The proprietor of this august establishment, whom I shall hide behind the name Flyte (which, though the same length as his actual name, does not have a single letter in common with it) certainly knew his business. On my very first visit, when invited to inspect swatches of cloth with a view to choosing something suitable, I dawdled over a rather fetching faint pinstripe in 20-ounce worsted. Mr. Flyte intervened. "If you will permit me to say so, Mr. Derbyshire, I believe we are a warm person, are we not? Perhaps something lighter …" Now, it is true that I sweat rather easily. I was not sweating at the time, though, and I have always striven to maintain the highest standards of personal hygiene; so how did he know? Sheer professional expertise, I suppose and hope.

At any rate, I was from then onward very attentive to the weight of the fabrics my suits were made from, with a strong preference for the lighter ones. This kind of obsession naturally leads one to extremes sooner or later, and the extreme of lightness in suit fabrics is seersucker. A seersucker suit jacket, if left unattended outdoors, will blow away in a mild breeze.

I still possess the suits, pants, and jackets Mr. Flyte made for me. For one thing, twelve hundred pounds sterling was a great deal of money to pay for a suit in 1982, and I am not yet satisfied that those expenses have been fully amortized.

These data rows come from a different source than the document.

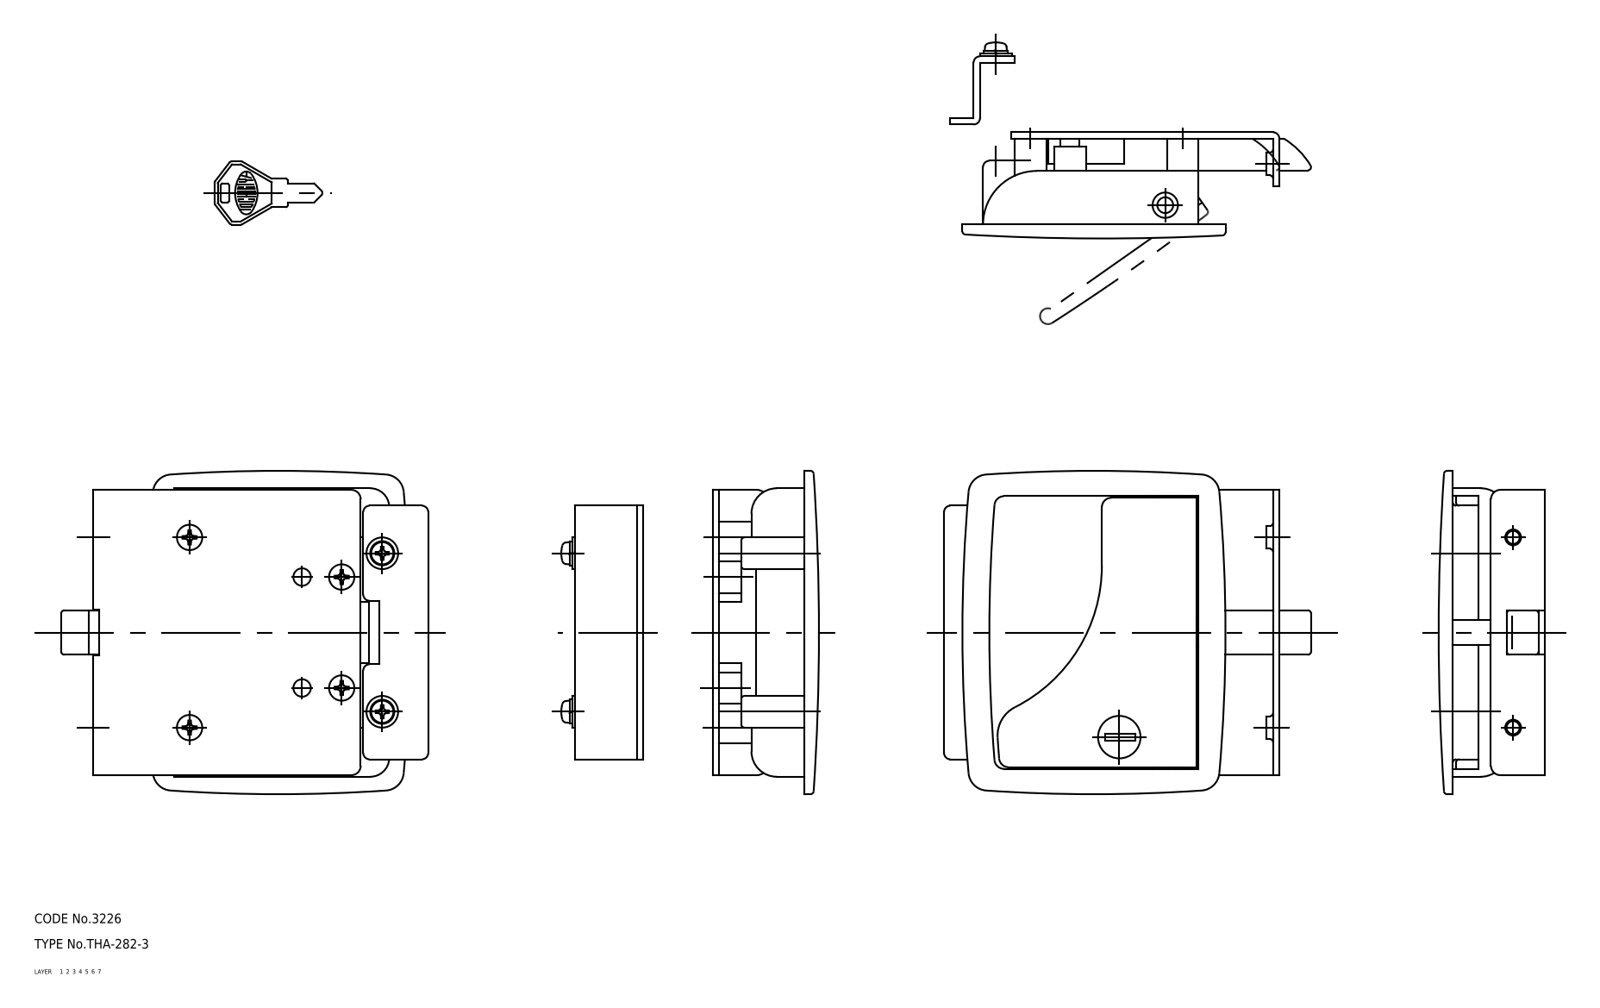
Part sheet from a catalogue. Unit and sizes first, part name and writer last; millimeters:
Units: millimetres
Overall size (bounding box): 114.5 × 102 × 95.54
Volume: 94 765 mm³ · Surface area: 74 582 mm²
Bodies: 9 solids, 583 faces (0 planar, 0 cylindrical, 583 other)
Part name (STEP PRODUCT): bracket_B_mr; handle_mr; lock_mr; screw_mr (+5 more)
STEP written by: CADfix (AUTOMOTIVE_DESIGN)
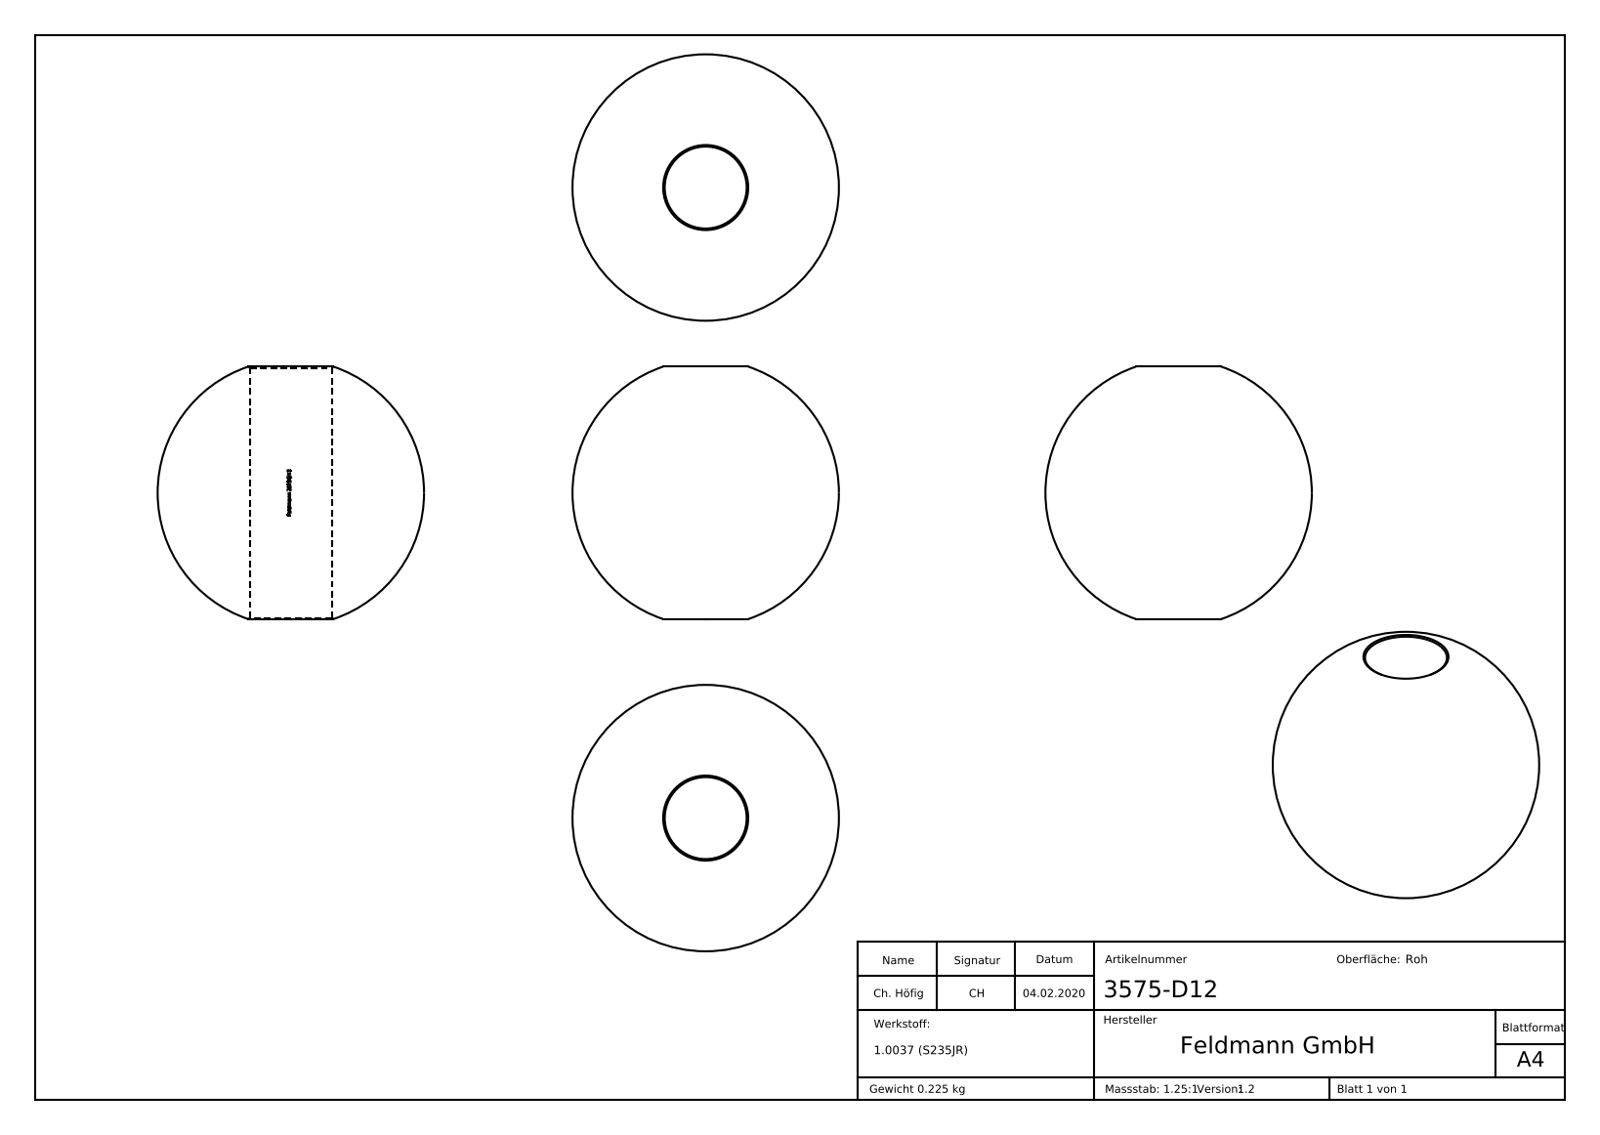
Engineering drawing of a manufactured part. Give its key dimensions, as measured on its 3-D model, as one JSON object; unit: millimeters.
{"part_name": "3575-D12", "step_written_by": "SolidWorks 2015 (CONFIG_CONTROL_DESIGN)", "units": "millimeters", "bodies": {"solids": 1, "faces": 212, "planar": 97, "cylindrical": 21, "other": 94}, "overall_size": [40, 40, 37.91], "volume_mm3": 28869, "surface_area_mm2": 6241, "round_holes": [[12.3, 1]], "partial_cylinders_radius": [[6.25, 1]], "face_to_face_distances": [4.83, 0.53, 0.5, 0.61, 0.45, 0.66, 2.54, 3.1, 1.18, 0.7]}

For another, clothes of that quality last pretty much for ever, especially if you spend ninety-five percent of your life working at home in jeans and a T-shirt. So long as I do not undergo any dramatic change of shape, I can look forward to being laid out at last in my Flyte & Sons three-piecer. This will concentrate sufficient sartorial gravity in my casket that mourners can be invited to "Dress Festive" — assuming, by that time, everyone has figured out what it means.